A bitter taste generally signals the presence of a toxin

Although bitter has over 40 different receptors on the human tongue, “sweet” only has one. Being able to detect a greater range of  bitter
is evolutionarily advantageous because bitter usually signifies potential toxin.



The TAS1R1+TAS1R3 heterodimer receptor functions as the umami (savory) receptor, responding to L-amino acid binding, especially L-glutamate.[8] The umami taste is most frequently associated with the food additive monosodium glutamate (MSG) and can be enhanced through the binding of inosine monophosphate (IMP) and guanosine monophosphate (GMP) molecules.[9][10] TAS1R1+3 expressing cells are found mostly in the fungiform papillae at the tip and edges of the tongue and palate taste receptor cells in the roof of the mouth.[8] These cells are shown to synapse upon the chorda tympani nerves to send their signals to the brain, although some activation of the glossopharyngeal nerve has been found.


The TAS1R2+TAS1R3 heterodimer receptor functions as the sweet receptor by binding to a wide variety of sugars and sugar substitutes.[8][12] TAS1R2+3 expressing cells are found in circumvallate papillae and foliate papillae near the back of the tongue and palate taste receptor cells in the roof of the mouth.[8] These cells are shown to synapse upon the chorda tympani and glossopharyngeal nerves to send their signals to the brain.
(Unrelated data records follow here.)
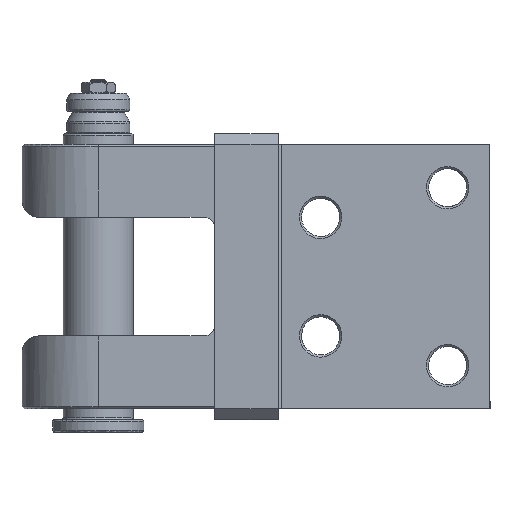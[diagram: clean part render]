
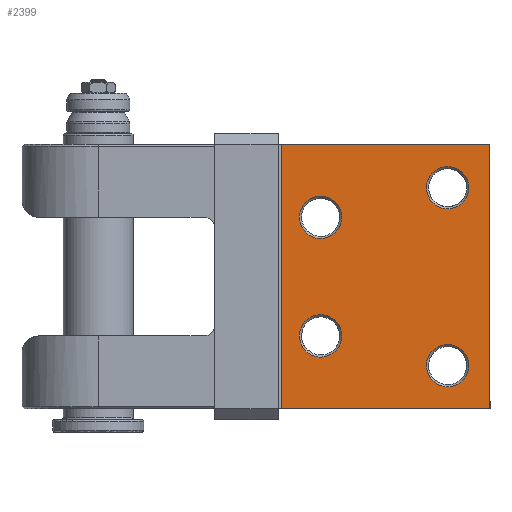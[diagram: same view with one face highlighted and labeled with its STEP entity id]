
A CAD part, left-side view. The second image highlights one B-rep face of the part: STEP entity #2399.
In plain terms, the highlighted planar face has unit normal (-1, 0, 0).
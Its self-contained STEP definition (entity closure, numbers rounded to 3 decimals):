
#342=PLANE('',#24957);
#692=FACE_BOUND('',#4166,.T.);
#693=FACE_BOUND('',#4167,.T.);
#694=FACE_BOUND('',#4168,.T.);
#695=FACE_BOUND('',#4169,.T.);
#696=FACE_BOUND('',#4170,.T.);
#2399=ADVANCED_FACE('*FAC1921',(#692,#693,#694,#695,#696),#342,.F.);
#4166=EDGE_LOOP('',(#9794,#9795,#9796,#9797));
#4167=EDGE_LOOP('',(#9798,#9799));
#4168=EDGE_LOOP('',(#9800,#9801));
#4169=EDGE_LOOP('',(#9802,#9803));
#4170=EDGE_LOOP('',(#9804,#9805));
#9794=ORIENTED_EDGE('',*,*,#19321,.F.);
#9795=ORIENTED_EDGE('',*,*,#19506,.T.);
#9796=ORIENTED_EDGE('',*,*,#19507,.T.);
#9797=ORIENTED_EDGE('',*,*,#19508,.T.);
#9798=ORIENTED_EDGE('',*,*,#19318,.F.);
#9799=ORIENTED_EDGE('',*,*,#19317,.F.);
#9800=ORIENTED_EDGE('',*,*,#19315,.F.);
#9801=ORIENTED_EDGE('',*,*,#19316,.F.);
#9802=ORIENTED_EDGE('',*,*,#19314,.F.);
#9803=ORIENTED_EDGE('',*,*,#19313,.F.);
#9804=ORIENTED_EDGE('',*,*,#19312,.F.);
#9805=ORIENTED_EDGE('',*,*,#19311,.F.);
#15351=VERTEX_POINT('',#42567);
#15352=VERTEX_POINT('',#42568);
#15353=VERTEX_POINT('',#42590);
#15354=VERTEX_POINT('',#42591);
#15355=VERTEX_POINT('',#42613);
#15356=VERTEX_POINT('',#42614);
#15357=VERTEX_POINT('',#42636);
#15358=VERTEX_POINT('',#42637);
#15361=VERTEX_POINT('',#42659);
#15362=VERTEX_POINT('',#42664);
#15521=VERTEX_POINT('',#44138);
#15522=VERTEX_POINT('',#44143);
#19311=EDGE_CURVE('',#15351,#15352,#23122,.T.);
#19312=EDGE_CURVE('',#15352,#15351,#23123,.T.);
#19313=EDGE_CURVE('',#15353,#15354,#23124,.T.);
#19314=EDGE_CURVE('',#15354,#15353,#23125,.T.);
#19315=EDGE_CURVE('',#15355,#15356,#23126,.T.);
#19316=EDGE_CURVE('',#15356,#15355,#23127,.T.);
#19317=EDGE_CURVE('',#15357,#15358,#23128,.T.);
#19318=EDGE_CURVE('',#15358,#15357,#23129,.T.);
#19321=EDGE_CURVE('',#15361,#15362,#23132,.T.);
#19506=EDGE_CURVE('',#15361,#15521,#23248,.T.);
#19507=EDGE_CURVE('',#15521,#15522,#23249,.T.);
#19508=EDGE_CURVE('',#15522,#15362,#23250,.T.);
#23122=B_SPLINE_CURVE_WITH_KNOTS('',3,(#42557,#42558,#42559,#42560,#42561,
#42562,#42563,#42564,#42565,#42566),.UNSPECIFIED.,.F.,.F.,(4,2,2,2,4),(0.,
0.25,0.5,0.75,1.),.UNSPECIFIED.);
#23123=B_SPLINE_CURVE_WITH_KNOTS('',3,(#42569,#42570,#42571,#42572,#42573,
#42574,#42575,#42576,#42577,#42578),.UNSPECIFIED.,.F.,.F.,(4,2,2,2,4),(0.,
0.25,0.5,0.75,1.),.UNSPECIFIED.);
#23124=B_SPLINE_CURVE_WITH_KNOTS('',3,(#42580,#42581,#42582,#42583,#42584,
#42585,#42586,#42587,#42588,#42589),.UNSPECIFIED.,.F.,.F.,(4,2,2,2,4),(0.,
0.25,0.5,0.75,1.),.UNSPECIFIED.);
#23125=B_SPLINE_CURVE_WITH_KNOTS('',3,(#42592,#42593,#42594,#42595,#42596,
#42597,#42598,#42599,#42600,#42601),.UNSPECIFIED.,.F.,.F.,(4,2,2,2,4),(0.,
0.25,0.5,0.75,1.),.UNSPECIFIED.);
#23126=B_SPLINE_CURVE_WITH_KNOTS('',3,(#42603,#42604,#42605,#42606,#42607,
#42608,#42609,#42610,#42611,#42612),.UNSPECIFIED.,.F.,.F.,(4,2,2,2,4),(0.,
0.25,0.5,0.75,1.),.UNSPECIFIED.);
#23127=B_SPLINE_CURVE_WITH_KNOTS('',3,(#42615,#42616,#42617,#42618,#42619,
#42620,#42621,#42622,#42623,#42624),.UNSPECIFIED.,.F.,.F.,(4,2,2,2,4),(0.,
0.25,0.5,0.75,1.),.UNSPECIFIED.);
#23128=B_SPLINE_CURVE_WITH_KNOTS('',3,(#42626,#42627,#42628,#42629,#42630,
#42631,#42632,#42633,#42634,#42635),.UNSPECIFIED.,.F.,.F.,(4,2,2,2,4),(0.,
0.25,0.5,0.75,1.),.UNSPECIFIED.);
#23129=B_SPLINE_CURVE_WITH_KNOTS('',3,(#42638,#42639,#42640,#42641,#42642,
#42643,#42644,#42645,#42646,#42647),.UNSPECIFIED.,.F.,.F.,(4,2,2,2,4),(0.,
0.25,0.5,0.75,1.),.UNSPECIFIED.);
#23132=B_SPLINE_CURVE_WITH_KNOTS('',3,(#42660,#42661,#42662,#42663),
 .UNSPECIFIED.,.F.,.F.,(4,4),(0.,1.),.UNSPECIFIED.);
#23248=B_SPLINE_CURVE_WITH_KNOTS('',3,(#44134,#44135,#44136,#44137),
 .UNSPECIFIED.,.F.,.F.,(4,4),(0.,1.),.UNSPECIFIED.);
#23249=B_SPLINE_CURVE_WITH_KNOTS('',3,(#44139,#44140,#44141,#44142),
 .UNSPECIFIED.,.F.,.F.,(4,4),(0.,1.),.UNSPECIFIED.);
#23250=B_SPLINE_CURVE_WITH_KNOTS('',3,(#44144,#44145,#44146,#44147),
 .UNSPECIFIED.,.F.,.F.,(4,4),(0.,1.),.UNSPECIFIED.);
#24957=AXIS2_PLACEMENT_3D('',#44148,#25765,#25766);
#25765=DIRECTION('',(1.,0.,0.));
#25766=DIRECTION('',(0.,0.,-1.));
#42557=CARTESIAN_POINT('',(-25.,20.,-114.5));
#42558=CARTESIAN_POINT('',(-25.,17.382,-114.5));
#42559=CARTESIAN_POINT('',(-25.,14.78,-113.422));
#42560=CARTESIAN_POINT('',(-25.,11.078,-109.72));
#42561=CARTESIAN_POINT('',(-25.,10.,-107.118));
#42562=CARTESIAN_POINT('',(-25.,10.,-101.882));
#42563=CARTESIAN_POINT('',(-25.,11.078,-99.28));
#42564=CARTESIAN_POINT('',(-25.,14.78,-95.578));
#42565=CARTESIAN_POINT('',(-25.,17.382,-94.5));
#42566=CARTESIAN_POINT('',(-25.,20.,-94.5));
#42567=CARTESIAN_POINT('',(-25.,20.,-114.5));
#42568=CARTESIAN_POINT('',(-25.,20.,-94.5));
#42569=CARTESIAN_POINT('',(-25.,20.,-94.5));
#42570=CARTESIAN_POINT('',(-25.,22.618,-94.5));
#42571=CARTESIAN_POINT('',(-25.,25.22,-95.578));
#42572=CARTESIAN_POINT('',(-25.,28.922,-99.28));
#42573=CARTESIAN_POINT('',(-25.,30.,-101.882));
#42574=CARTESIAN_POINT('',(-25.,30.,-107.118));
#42575=CARTESIAN_POINT('',(-25.,28.922,-109.72));
#42576=CARTESIAN_POINT('',(-25.,25.22,-113.422));
#42577=CARTESIAN_POINT('',(-25.,22.618,-114.5));
#42578=CARTESIAN_POINT('',(-25.,20.,-114.5));
#42580=CARTESIAN_POINT('',(-25.,80.,-100.5));
#42581=CARTESIAN_POINT('',(-25.,77.382,-100.5));
#42582=CARTESIAN_POINT('',(-25.,74.78,-99.422));
#42583=CARTESIAN_POINT('',(-25.,71.078,-95.72));
#42584=CARTESIAN_POINT('',(-25.,70.,-93.118));
#42585=CARTESIAN_POINT('',(-25.,70.,-87.882));
#42586=CARTESIAN_POINT('',(-25.,71.078,-85.28));
#42587=CARTESIAN_POINT('',(-25.,74.78,-81.578));
#42588=CARTESIAN_POINT('',(-25.,77.382,-80.5));
#42589=CARTESIAN_POINT('',(-25.,80.,-80.5));
#42590=CARTESIAN_POINT('',(-25.,80.,-100.5));
#42591=CARTESIAN_POINT('',(-25.,80.,-80.5));
#42592=CARTESIAN_POINT('',(-25.,80.,-80.5));
#42593=CARTESIAN_POINT('',(-25.,82.618,-80.5));
#42594=CARTESIAN_POINT('',(-25.,85.22,-81.578));
#42595=CARTESIAN_POINT('',(-25.,88.922,-85.28));
#42596=CARTESIAN_POINT('',(-25.,90.,-87.882));
#42597=CARTESIAN_POINT('',(-25.,90.,-93.118));
#42598=CARTESIAN_POINT('',(-25.,88.922,-95.72));
#42599=CARTESIAN_POINT('',(-25.,85.22,-99.422));
#42600=CARTESIAN_POINT('',(-25.,82.618,-100.5));
#42601=CARTESIAN_POINT('',(-25.,80.,-100.5));
#42603=CARTESIAN_POINT('',(-25.,90.,-34.5));
#42604=CARTESIAN_POINT('',(-25.,90.,-37.118));
#42605=CARTESIAN_POINT('',(-25.,88.922,-39.72));
#42606=CARTESIAN_POINT('',(-25.,85.22,-43.422));
#42607=CARTESIAN_POINT('',(-25.,82.618,-44.5));
#42608=CARTESIAN_POINT('',(-25.,77.382,-44.5));
#42609=CARTESIAN_POINT('',(-25.,74.78,-43.422));
#42610=CARTESIAN_POINT('',(-25.,71.078,-39.72));
#42611=CARTESIAN_POINT('',(-25.,70.,-37.118));
#42612=CARTESIAN_POINT('',(-25.,70.,-34.5));
#42613=CARTESIAN_POINT('',(-25.,90.,-34.5));
#42614=CARTESIAN_POINT('',(-25.,70.,-34.5));
#42615=CARTESIAN_POINT('',(-25.,70.,-34.5));
#42616=CARTESIAN_POINT('',(-25.,70.,-31.882));
#42617=CARTESIAN_POINT('',(-25.,71.078,-29.28));
#42618=CARTESIAN_POINT('',(-25.,74.78,-25.578));
#42619=CARTESIAN_POINT('',(-25.,77.382,-24.5));
#42620=CARTESIAN_POINT('',(-25.,82.618,-24.5));
#42621=CARTESIAN_POINT('',(-25.,85.22,-25.578));
#42622=CARTESIAN_POINT('',(-25.,88.922,-29.28));
#42623=CARTESIAN_POINT('',(-25.,90.,-31.882));
#42624=CARTESIAN_POINT('',(-25.,90.,-34.5));
#42626=CARTESIAN_POINT('',(-25.,20.,-30.5));
#42627=CARTESIAN_POINT('',(-25.,17.382,-30.5));
#42628=CARTESIAN_POINT('',(-25.,14.78,-29.422));
#42629=CARTESIAN_POINT('',(-25.,11.078,-25.72));
#42630=CARTESIAN_POINT('',(-25.,10.,-23.118));
#42631=CARTESIAN_POINT('',(-25.,10.,-17.882));
#42632=CARTESIAN_POINT('',(-25.,11.078,-15.28));
#42633=CARTESIAN_POINT('',(-25.,14.78,-11.578));
#42634=CARTESIAN_POINT('',(-25.,17.382,-10.5));
#42635=CARTESIAN_POINT('',(-25.,20.,-10.5));
#42636=CARTESIAN_POINT('',(-25.,20.,-30.5));
#42637=CARTESIAN_POINT('',(-25.,20.,-10.5));
#42638=CARTESIAN_POINT('',(-25.,20.,-10.5));
#42639=CARTESIAN_POINT('',(-25.,22.618,-10.5));
#42640=CARTESIAN_POINT('',(-25.,25.22,-11.578));
#42641=CARTESIAN_POINT('',(-25.,28.922,-15.28));
#42642=CARTESIAN_POINT('',(-25.,30.,-17.882));
#42643=CARTESIAN_POINT('',(-25.,30.,-23.118));
#42644=CARTESIAN_POINT('',(-25.,28.922,-25.72));
#42645=CARTESIAN_POINT('',(-25.,25.22,-29.422));
#42646=CARTESIAN_POINT('',(-25.,22.618,-30.5));
#42647=CARTESIAN_POINT('',(-25.,20.,-30.5));
#42659=CARTESIAN_POINT('',(-25.,98.5,-125.));
#42660=CARTESIAN_POINT('',(-25.,98.5,-125.));
#42661=CARTESIAN_POINT('',(-25.,98.5,-83.333));
#42662=CARTESIAN_POINT('',(-25.,98.5,-41.667));
#42663=CARTESIAN_POINT('',(-25.,98.5,0.));
#42664=CARTESIAN_POINT('',(-25.,98.5,0.));
#44134=CARTESIAN_POINT('',(-25.,98.5,-125.));
#44135=CARTESIAN_POINT('',(-25.,65.667,-125.));
#44136=CARTESIAN_POINT('',(-25.,32.833,-125.));
#44137=CARTESIAN_POINT('',(-25.,0.,-125.));
#44138=CARTESIAN_POINT('',(-25.,0.,-125.));
#44139=CARTESIAN_POINT('',(-25.,0.,-125.));
#44140=CARTESIAN_POINT('',(-25.,0.,-83.333));
#44141=CARTESIAN_POINT('',(-25.,0.,-41.667));
#44142=CARTESIAN_POINT('',(-25.,0.,0.));
#44143=CARTESIAN_POINT('',(-25.,0.,0.));
#44144=CARTESIAN_POINT('',(-25.,0.,0.));
#44145=CARTESIAN_POINT('',(-25.,32.833,0.));
#44146=CARTESIAN_POINT('',(-25.,65.667,0.));
#44147=CARTESIAN_POINT('',(-25.,98.5,0.));
#44148=CARTESIAN_POINT('',(-25.,0.,0.));

The TAS1R3 homodimer also functions as a sweet receptor in much the same way as TAS1R2+3 but has decreased sensitivity to sweet substances. Natural sugars are more easily detected by the TAS1R3 receptor than sugar substitutes. This may help explain why sugar and artificial sweeteners have different tastes.


While sour taste has historically been regarded as the domain of ion channels, receptors for sour taste are now being proposed. HCN1 and HCN4 (HCN channels) were two such proposals; both of these receptors are cyclic nucleotide-gated channels. The two ion channels suggested to contribute to sour taste are ACCN1 and TASK-1.


Various receptors have also been proposed for salty tastes, along with the possible taste detection of lipids, complex carbohydrates, and water. Evidence for these receptors is, however, shaky at best, and is often unconvincing in mammal studies. For example, the proposed ENaC receptor for sodium detection can only be shown to contribute to sodium taste in Drosophilia.




The TAS2R proteins function as bitter taste receptors. There are 43 human TAS2R genes, each of which (excluding the five pseudogenes) lacks introns and codes for a GPCR protein. These proteins, as opposed to TAS1R proteins, have short extracellular domains and are located in circumvallate papillae, palate, foliate papillae, and epiglottis taste buds, with reduced expression in fungiform papillae. Though it is certain that multiple TAS2Rs are expressed in one taste receptor cell, it is still debated whether mammals can distinguish between the tastes of different bitter ligands. Some overlap must occur, however, as there are far more bitter compounds than there are TAS2R genes. Common bitter ligands include cycloheximide, denatonium, PROP (6-n-propyl-2-thiouracil), PTC (phenylthiocarbamide), and β-glucopyranosides.

Signal transduction of bitter stimuli is accomplished via the α-subunit of gustducin. This G protein subunit activates a taste phosphodiesterase and decreases cyclic nucleotide levels. Further steps in the transduction pathway are still unknown. The βγ-subunit of gustducin also mediates taste by activating IP3 (inositol triphosphate) and DAG (diglyceride). These second messengers may open gated ion channels or may cause release of internal calcium.[16] Though all TAS2Rs are located in gustducin-containing cells, knockout of gustducin does not completely abolish sensitivity to bitter compounds, suggesting a redundant mechanism for bitter tasting[7] (unsurprising given that a bitter taste generally signals the presence of a toxin). One proposed mechanism for gustducin-independent bitter tasting is via ion channel interaction by specific bitter ligands, similar to the ion channel interaction which occurs in the tasting of sour and salty stimuli.

One of the best-researched TAS2R proteins is TAS2R38, which contributes to the tasting of both PROP and PTC. It is also the only taste receptor whose polymorphisms are shown to be responsible for differences in taste perception. Current studies are focused on determining other such taste phenotype-determining polymorphisms.